RESERVE Bank of Zimbabwe (RBZ) governor John Mangudya has refused to release the names of beneficiaries of the farm mechanisation equipment and inputs scheme, most of them believed to be top Zanu PF and government officials.

BY MOSES MATENGA

The beneficiaries were initially expected to pay for the machinery and inputs, but later had their debt assumed by the government under the RBZ (Debt Assumption) Act.

Between 2007 and 2008, thousands of Zanu PF-linked farmers received equipment which ranged from tractors, combine harvesters, generators to harrows under the scheme.

Mangudya refused to disclose the beneficiaries’ names after prominent lawyer Beatrice Mtetwa had on May 28 requested the RBZ to release the names of the beneficiaries in line with provisions of the Access to Information and Protection of Privacy Act (AIPPA).

The RBZ governor argued that the matter was of no public interest.

In a letter to Mangudya, Mtetwa wrote: “To enable us to properly consider the (RBZ) Bill, we kindly request that you provide us with the following information which we are requesting under AIPPA . . . a schedule of all the beneficiaries with their full particulars including full names and addresses. Where the beneficiary was a company, full particulars of such company are required. Full details of the equipment delivered to each beneficiary including the date of delivery and value of the equipment delivered.”

She added: “Where the RBZ disbursed cash and inputs to the beneficiaries, we also request for a schedule of the beneficiaries, amount disbursed and date of disbursement. Where inputs were disbursed, we request a schedule of the disbursed inputs, date of disbursement and value of inputs.”

On June 15, RBZ secretary and director in the legal services and corporate affairs department identified as AJ Manase wrote back saying: “The governor, as head of the Reserve Bank, has accordingly invoked this section to extend the time for responding from the initial 30 days to 60 days.
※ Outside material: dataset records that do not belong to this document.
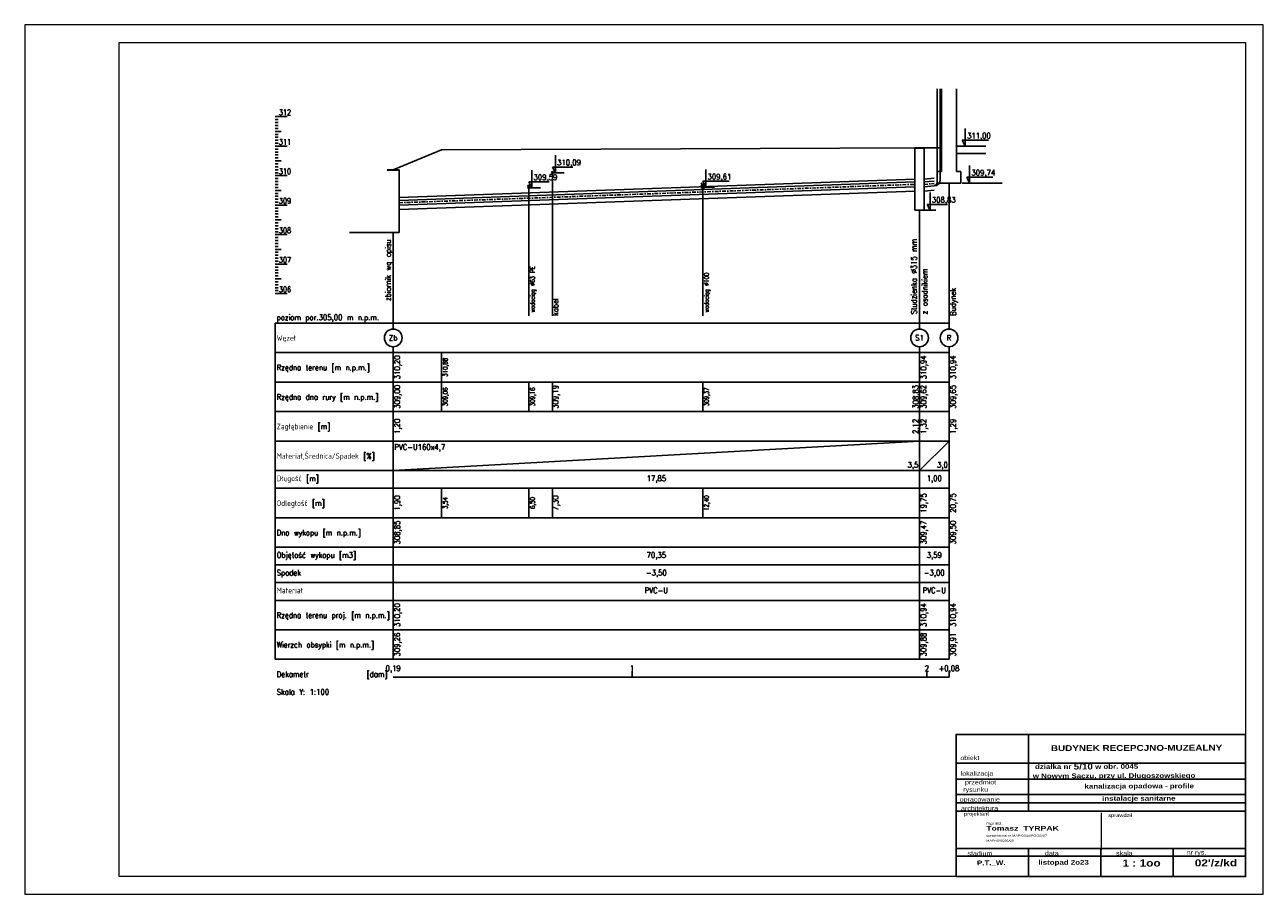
# Model space of a CAD drawing. Extents: x 4615668 to 9294084, y 16339 to 10688993.
# Tile 3 of 256: x 4720275 to 4724475, y 5326070 to 5329018. Entities that reach past the tile are written whole.
import ezdxf
from ezdxf.enums import TextEntityAlignment as Align

# ---------------------------------------------------------------- set-up
doc = ezdxf.new("R2010")
doc.units = 0
doc.header["$MEASUREMENT"] = 0
doc.linetypes.add('DASHDOT', pattern=[25.4, 12.7, -6.35, 0, -6.35])
doc.layers.add('1', color=7, linetype='Continuous')
doc.layers.add('OPIS', color=7, linetype='Continuous')
doc.layers.add('hatch', color=253, linetype='Continuous', lineweight=0)
doc.styles.add('ARIAL', font='arial.ttf', dxfattribs={"height": 10})
doc.styles.add('ARIAL_WYM50', font='arial.ttf', dxfattribs={"height": 15})
doc.styles.add('courier', font='stylu.ttf')
doc.styles.get("Standard").update_dxf_attribs({"font": 'txt.shx'})

# ---------------------------------------------------------------- blocks, each defined once
blk = doc.blocks.new('KOLIZJA')
blk.add_circle((0, 0), 1)

msp = doc.modelspace()

# ---------------------------------------------------------------- linework, layer by layer
at = {"color": 160}
for p, q in [((4723369.32, 5328483.31), (4723369.32, 5328800.6)), ((4723379.32, 5328491.71), (4723379.32, 5328800.6)), ((4721544.32, 5328422.23), (4723293.57, 5328484.71)), ((4721544.32, 5328406.23), (4723293.57, 5328468.71)), ((4723325.07, 5328484.71), (4723359.32, 5328487.71)), ((4723325.07, 5328468.71), (4723359.32, 5328471.71))]:
    msp.add_line(p, q, dxfattribs=at)
at = {"color": 7}
for p, q in [((4723384.32, 5328520.6), (4723384.32, 5328800.6)), ((4723434.32, 5328520.6), (4723434.32, 5328800.6)), ((4723293.57, 5328600.33), (4723325.07, 5328600.33)), ((4723293.57, 5328388.73), (4723293.57, 5328600.33)), ((4723293.57, 5328599.33), (4723325.07, 5328599.33)), ((4723325.07, 5328600.33), (4723325.07, 5328388.73)), ((4721504.32, 5328526.33), (4721544.32, 5328526.33)), ((4721504.32, 5328525.33), (4721544.32, 5328525.33)), ((4721544.32, 5328526.33), (4721544.32, 5328406.23)), ((4723369.32, 5328480.6), (4723369.32, 5328520.6)), ((4723369.32, 5328520.6), (4723384.32, 5328520.6)), ((4723449.32, 5328520.6), (4723434.32, 5328520.6)), ((4723449.32, 5328480.6), (4723449.32, 5328520.6)), ((4723369.32, 5328480.6), (4723449.32, 5328480.6)), ((4723293.57, 5328388.73), (4723325.07, 5328388.73)), ((4723325.07, 5328388.73), (4723365.07, 5328388.73))]:
    msp.add_line(p, q, dxfattribs=at)
at = {"color": 8}
for p, q in [((4721124.32, 5328706.23), (4721164.32, 5328706.23)), ((4721124.32, 5328696.23), (4721134.32, 5328696.23)), ((4721124.32, 5328686.23), (4721134.32, 5328686.23)), ((4721124.32, 5328676.23), (4721134.32, 5328676.23)), ((4721124.32, 5328666.23), (4721134.32, 5328666.23)), ((4721124.32, 5328656.23), (4721144.32, 5328656.23)), ((4721124.32, 5328646.23), (4721134.32, 5328646.23)), ((4721124.32, 5328636.23), (4721134.32, 5328636.23)), ((4721124.32, 5328626.23), (4721134.32, 5328626.23)), ((4721124.32, 5328616.23), (4721134.32, 5328616.23)), ((4721124.32, 5328606.23), (4721164.32, 5328606.23)), ((4721124.32, 5328596.23), (4721134.32, 5328596.23)), ((4721124.32, 5328586.23), (4721134.32, 5328586.23)), ((4721124.32, 5328576.23), (4721134.32, 5328576.23)), ((4721124.32, 5328566.23), (4721134.32, 5328566.23)), ((4721124.32, 5328556.23), (4721144.32, 5328556.23)), ((4721124.32, 5328546.23), (4721134.32, 5328546.23)), ((4721124.32, 5328536.23), (4721134.32, 5328536.23)), ((4721124.32, 5328526.23), (4721134.32, 5328526.23)), ((4721124.32, 5328516.23), (4721134.32, 5328516.23)), ((4721124.32, 5328506.23), (4721164.32, 5328506.23)), ((4721124.32, 5328496.23), (4721134.32, 5328496.23)), ((4721124.32, 5328486.23), (4721134.32, 5328486.23)), ((4721124.32, 5328476.23), (4721134.32, 5328476.23)), ((4721124.32, 5328466.23), (4721134.32, 5328466.23)), ((4721124.32, 5328456.23), (4721144.32, 5328456.23)), ((4722064.32, 5328490.23), (4722064.32, 5328031.23)), ((4723409.32, 5328455.6), (4723409.32, 5328480.6)), ((4721124.32, 5328446.23), (4721134.32, 5328446.23)), ((4721124.32, 5328436.23), (4721134.32, 5328436.23)), ((4721124.32, 5328426.23), (4721134.32, 5328426.23)), ((4721124.32, 5328416.23), (4721134.32, 5328416.23)), ((4721984.32, 5328440.23), (4721984.32, 5328031.23)), ((4722574.32, 5328442.23), (4722574.32, 5328031.23)), ((4723409.32, 5328455.6), (4723409.32, 5328031.23)), ((4721124.32, 5328406.23), (4721164.32, 5328406.23)), ((4721124.32, 5328396.23), (4721134.32, 5328396.23)), ((4721124.32, 5328386.23), (4721134.32, 5328386.23)), ((4721124.32, 5328376.23), (4721134.32, 5328376.23)), ((4723309.32, 5328360.73), (4723309.32, 5328385.73)), ((4721124.32, 5328366.23), (4721134.32, 5328366.23)), ((4721124.32, 5328356.23), (4721144.32, 5328356.23)), ((4721124.32, 5328346.23), (4721134.32, 5328346.23)), ((4721124.32, 5328336.23), (4721134.32, 5328336.23)), ((4723309.32, 5328360.73), (4723309.32, 5328031.23)), ((4721124.32, 5328326.23), (4721134.32, 5328326.23)), ((4721124.32, 5328316.23), (4721134.32, 5328316.23)), ((4721124.32, 5328306.23), (4721164.32, 5328306.23)), ((4721124.32, 5328296.23), (4721134.32, 5328296.23)), ((4721524.32, 5328313.32), (4721524.32, 5328031.23)), ((4721124.32, 5328286.23), (4721134.32, 5328286.23)), ((4721124.32, 5328276.23), (4721134.32, 5328276.23)), ((4721124.32, 5328266.23), (4721134.32, 5328266.23)), ((4721124.32, 5328256.23), (4721144.32, 5328256.23)), ((4721124.32, 5328246.23), (4721134.32, 5328246.23)), ((4721124.32, 5328236.23), (4721134.32, 5328236.23)), ((4721124.32, 5328226.23), (4721134.32, 5328226.23)), ((4721124.32, 5328216.23), (4721134.32, 5328216.23)), ((4721124.32, 5328206.23), (4721164.32, 5328206.23)), ((4721124.32, 5328196.23), (4721134.32, 5328196.23)), ((4721124.32, 5328186.23), (4721134.32, 5328186.23)), ((4721124.32, 5328176.23), (4721134.32, 5328176.23)), ((4721124.32, 5328166.23), (4721134.32, 5328166.23)), ((4721124.32, 5328156.23), (4721144.32, 5328156.23)), ((4721124.32, 5328146.23), (4721134.32, 5328146.23)), ((4721124.32, 5328136.23), (4721134.32, 5328136.23)), ((4721124.32, 5328126.23), (4721134.32, 5328126.23)), ((4721124.32, 5328116.23), (4721134.32, 5328116.23)), ((4721124.32, 5328106.23), (4721164.32, 5328106.23)), ((4721124.32, 5328006.23), (4721124.32, 5326866.23)), ((4721124.32, 5328006.23), (4721524.32, 5328006.23)), ((4721524.32, 5328006.23), (4721524.32, 5328031.23)), ((4721524.32, 5328006.23), (4721524.32, 5327986.23)), ((4721524.32, 5328006.23), (4723409.32, 5328006.23)), ((4723309.32, 5328006.23), (4723309.32, 5328031.23)), ((4723309.32, 5328006.23), (4723309.32, 5327986.23)), ((4723409.32, 5328006.23), (4723409.32, 5328031.23)), ((4723409.32, 5328006.23), (4723409.32, 5327986.23)), ((4721524.32, 5327926.23), (4721524.32, 5327906.23)), ((4723309.32, 5327926.23), (4723309.32, 5327906.23)), ((4723409.32, 5327926.23), (4723409.32, 5327906.23)), ((4721124.32, 5327906.23), (4721524.32, 5327906.23)), ((4721524.32, 5327806.23), (4721524.32, 5327906.23)), ((4721524.32, 5327906.23), (4723409.32, 5327906.23)), ((4721688.32, 5327806.23), (4721688.32, 5327906.23)), ((4723309.32, 5327806.23), (4723309.32, 5327906.23)), ((4723409.32, 5327806.23), (4723409.32, 5327906.23)), ((4721124.32, 5327806.23), (4721524.32, 5327806.23)), ((4721524.32, 5327706.23), (4721524.32, 5327806.23)), ((4721524.32, 5327806.23), (4723409.32, 5327806.23)), ((4721688.32, 5327706.23), (4721688.32, 5327806.23)), ((4721984.32, 5327706.23), (4721984.32, 5327806.23)), ((4722064.32, 5327706.23), (4722064.32, 5327806.23)), ((4722574.32, 5327706.23), (4722574.32, 5327806.23)), ((4723309.32, 5327706.23), (4723309.32, 5327806.23)), ((4723409.32, 5327706.23), (4723409.32, 5327806.23)), ((4721124.32, 5327706.23), (4721524.32, 5327706.23)), ((4721524.32, 5327606.23), (4721524.32, 5327706.23)), ((4721524.32, 5327706.23), (4723409.32, 5327706.23)), ((4723309.32, 5327606.23), (4723309.32, 5327706.23)), ((4723409.32, 5327606.23), (4723409.32, 5327706.23)), ((4721124.32, 5327606.23), (4721524.32, 5327606.23)), ((4721524.32, 5327506.23), (4723309.32, 5327606.23)), ((4721524.32, 5327506.23), (4721524.32, 5327606.23)), ((4721524.32, 5327606.23), (4723409.32, 5327606.23)), ((4723309.32, 5327506.23), (4723409.32, 5327606.23)), ((4723309.32, 5327506.23), (4723309.32, 5327606.23)), ((4723409.32, 5327506.23), (4723409.32, 5327606.23)), ((4721124.32, 5327506.23), (4721524.32, 5327506.23)), ((4721524.32, 5327446.23), (4721524.32, 5327506.23)), ((4721524.32, 5327506.23), (4723409.32, 5327506.23)), ((4723309.32, 5327446.23), (4723309.32, 5327506.23)), ((4723409.32, 5327446.23), (4723409.32, 5327506.23)), ((4721124.32, 5327446.23), (4721524.32, 5327446.23)), ((4721524.32, 5327346.23), (4721524.32, 5327446.23)), ((4721524.32, 5327446.23), (4723409.32, 5327446.23)), ((4721688.32, 5327346.23), (4721688.32, 5327446.23)), ((4721984.32, 5327346.23), (4721984.32, 5327446.23)), ((4722064.32, 5327346.23), (4722064.32, 5327446.23)), ((4722574.32, 5327346.23), (4722574.32, 5327446.23)), ((4723309.32, 5327346.23), (4723309.32, 5327446.23)), ((4723409.32, 5327346.23), (4723409.32, 5327446.23)), ((4721124.32, 5327346.23), (4721524.32, 5327346.23)), ((4721524.32, 5327246.23), (4721524.32, 5327346.23)), ((4721524.32, 5327346.23), (4723409.32, 5327346.23)), ((4723309.32, 5327246.23), (4723309.32, 5327346.23)), ((4723409.32, 5327246.23), (4723409.32, 5327346.23)), ((4721124.32, 5327246.23), (4721524.32, 5327246.23)), ((4721524.32, 5327186.23), (4721524.32, 5327246.23)), ((4721524.32, 5327246.23), (4723409.32, 5327246.23)), ((4723309.32, 5327186.23), (4723309.32, 5327246.23)), ((4723409.32, 5327186.23), (4723409.32, 5327246.23)), ((4721124.32, 5327186.23), (4721524.32, 5327186.23)), ((4721524.32, 5327126.23), (4721524.32, 5327186.23)), ((4721524.32, 5327186.23), (4723409.32, 5327186.23)), ((4723309.32, 5327126.23), (4723309.32, 5327186.23)), ((4723409.32, 5327126.23), (4723409.32, 5327186.23)), ((4721124.32, 5327126.23), (4721524.32, 5327126.23)), ((4721524.32, 5327066.23), (4721524.32, 5327126.23)), ((4721524.32, 5327126.23), (4723409.32, 5327126.23)), ((4723309.32, 5327066.23), (4723309.32, 5327126.23)), ((4723409.32, 5327066.23), (4723409.32, 5327126.23)), ((4721124.32, 5327066.23), (4721524.32, 5327066.23)), ((4721524.32, 5326966.23), (4721524.32, 5327066.23)), ((4721524.32, 5327066.23), (4723409.32, 5327066.23)), ((4723309.32, 5326966.23), (4723309.32, 5327066.23)), ((4723409.32, 5326966.23), (4723409.32, 5327066.23)), ((4721124.32, 5326966.23), (4721524.32, 5326966.23)), ((4721524.32, 5326866.23), (4721524.32, 5326966.23)), ((4721524.32, 5326966.23), (4723409.32, 5326966.23)), ((4723309.32, 5326866.23), (4723309.32, 5326966.23)), ((4723409.32, 5326866.23), (4723409.32, 5326966.23)), ((4721124.32, 5326866.23), (4721524.32, 5326866.23)), ((4721524.32, 5326866.23), (4723409.32, 5326866.23)), ((4722334.32, 5326806.23), (4722334.32, 5326826.23)), ((4723334.32, 5326806.23), (4723334.32, 5326826.23)), ((4723409.32, 5326806.23), (4723409.32, 5326826.23)), ((4721524.32, 5326806.23), (4723409.32, 5326806.23))]:
    msp.add_line(p, q, dxfattribs=at)
at = {"color": 0}
for p, q in [((4723464.32, 5328606.23), (4723464.32, 5328666.23)), ((4723464.32, 5328606.23), (4723454.32, 5328626.23)), ((4723454.32, 5328626.23), (4723543.21, 5328626.23)), ((4723434.32, 5328606.23), (4723534.32, 5328606.23)), ((4722074.32, 5328515.23), (4722074.32, 5328575.23)), ((4723434.32, 5328581.23), (4723534.32, 5328581.23)), ((4723479.32, 5328480.6), (4723479.32, 5328540.6)), ((4721994.32, 5328465.23), (4721994.32, 5328525.23)), ((4722062.32, 5328513.23), (4722066.32, 5328521.23)), ((4722062.32, 5328521.23), (4722066.32, 5328513.23)), ((4722074.32, 5328515.23), (4722064.32, 5328535.23)), ((4722064.32, 5328535.23), (4722133.65, 5328535.23)), ((4722064.32, 5328515.23), (4722104.32, 5328515.23)), ((4722064.32, 5328490.23), (4722064.32, 5328515.23)), ((4722584.32, 5328467.23), (4722584.32, 5328527.23)), ((4723479.32, 5328480.6), (4723469.32, 5328500.6)), ((4723469.32, 5328500.6), (4723558.21, 5328500.6)), ((4721981.17, 5328462.08), (4721987.47, 5328474.68)), ((4721981.17, 5328474.68), (4721987.47, 5328462.08)), ((4721994.32, 5328465.23), (4721984.32, 5328485.23)), ((4721984.32, 5328485.23), (4722053.65, 5328485.23)), ((4721984.32, 5328465.23), (4722024.32, 5328465.23)), ((4722569.32, 5328462.23), (4722579.32, 5328482.23)), ((4722569.32, 5328482.23), (4722579.32, 5328462.23)), ((4722584.32, 5328467.23), (4722574.32, 5328487.23)), ((4722574.32, 5328487.23), (4722663.21, 5328487.23)), ((4722574.32, 5328467.23), (4722614.32, 5328467.23)), ((4723454.32, 5328480.6), (4723589.32, 5328480.6)), ((4723345.07, 5328388.73), (4723345.07, 5328448.73)), ((4723345.07, 5328388.73), (4723335.07, 5328408.73)), ((4723335.07, 5328408.73), (4723404.4, 5328408.73))]:
    msp.add_line(p, q, dxfattribs=at)
at = {"color": 3}
for p, q in [((4721524.32, 5328526.23), (4721688.32, 5328594.23)), ((4721688.32, 5328594.23), (4723309.32, 5328600.23)), ((4723309.32, 5328600.23), (4723384.32, 5328600.6)), ((4723309.32, 5328600.23), (4723384.32, 5328600.23))]:
    msp.add_line(p, q, dxfattribs=at)
at = {"color": 2}
for p, q in [((4721544.32, 5328432.23), (4723293.57, 5328494.71)), ((4723325.07, 5328494.71), (4723359.32, 5328497.71)), ((4723325.07, 5328453.71), (4723359.32, 5328456.71)), ((4721544.32, 5328391.23), (4723293.57, 5328453.71))]:
    msp.add_line(p, q, dxfattribs=at)
at = {"color": 1, "linetype": 'DASHDOT'}
for p, q in [((4721544.32, 5328414.23), (4723293.57, 5328476.71)), ((4723325.07, 5328476.71), (4723359.32, 5328479.71))]:
    msp.add_line(p, q, dxfattribs=at)
at = {"color": 1}
for p, q in [((4721984.32, 5328440.23), (4721984.32, 5328465.23)), ((4722574.32, 5328442.23), (4722574.32, 5328467.23))]:
    msp.add_line(p, q, dxfattribs=at)
at = {"linetype": 'Continuous'}
for p, q in [((4721544.32, 5328406.23), (4721544.32, 5328313.32)), ((4721544.32, 5328313.32), (4721376.41, 5328313.32))]:
    msp.add_line(p, q, dxfattribs=at)
at = {"lineweight": 0, "ltscale": 40}
msp.add_line((4723925.05, 5326346.14), (4723925.05, 5326219.21), dxfattribs=at)
at = {"color": 8}
for centre in [(4721524.32, 5327956.23), (4723309.32, 5327956.23), (4723409.32, 5327956.23)]:
    msp.add_circle(centre, 30, dxfattribs=at)
at = {"color": 160}
for centre, radius in [((4723359.32, 5328491.71), 20), ((4723359.32, 5328483.31), 10)]:
    msp.add_arc(centre, radius, 270, 0, dxfattribs=at)
at = {"lineweight": 0, "ltscale": 40}
for p in [(4723760.53, 5326351.41), (4724087.46, 5326351.41)]:
    msp.add_point(p, dxfattribs=at)
at = {"layer": 'hatch', "color": 252}
for points in [[(4720274.92, 5326069.76), (4724474.92, 5326069.76), (4724474.92, 5329017.76), (4720274.92, 5329017.76)], [(4720274.92, 5326069.76), (4724474.92, 5326069.76), (4724474.92, 5329017.76), (4720274.92, 5329017.76)], [(4720594.92, 5328957.76), (4724414.92, 5328957.76), (4724414.92, 5326129.76), (4720594.92, 5326129.76)]]:
    msp.add_lwpolyline(points, close=True, dxfattribs=at)
at = {"layer": 'OPIS'}
for p, q in [((4723678.84, 5326611.48), (4723678.49, 5326351.41)), ((4724413.65, 5326514.59), (4723433.69, 5326514.59)), ((4724413.95, 5326514.59), (4723434, 5326514.59)), ((4724414.1, 5326459.34), (4723434.15, 5326459.34)), ((4724414.24, 5326407.67), (4723434.29, 5326407.67)), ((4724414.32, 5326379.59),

We undertake to revert to you, therefore, by end of July 2015.”

On June 26, Mangudya personally responded to Mtetwa saying the parties involved had rights that needed to be considered insisting he needed 60 days to do that.

However, on August 28, Mangudya wrote to Mtetwa saying releasing the information was not in the public interest, hence there was no need to release it.

“The information you requested relates not to the Reserve Bank as a body but to FISCORP (Pvt Limited), a separate legal body distinct from the Reserve Bank and which had its own board and management. It is FISCORP, which dealt with farm mechanisation equipment and not the Reserve Bank per se. Your request, with respect should be directed to FISCORP (Pvt) Ltd,” Mangudya wrote.

He added: “In our view, the information requested cannot be released because doing so is not in the public interest, see section 9 of the AIPPA. It is common cause that Parliament debated the propriety of releasing this information and decided by a clear majority not to release the said information. The farm mechanisation programme was one of the survival strategies adopted by government to defend the integrity and sovereignty of the country. “The RBZ (Debt Assumption) Act is meant for government to take over all outstanding debts owed by the Reserve Bank. All Reserve Bank of Zimbabwe creditors will thus be taken care of in this regard.”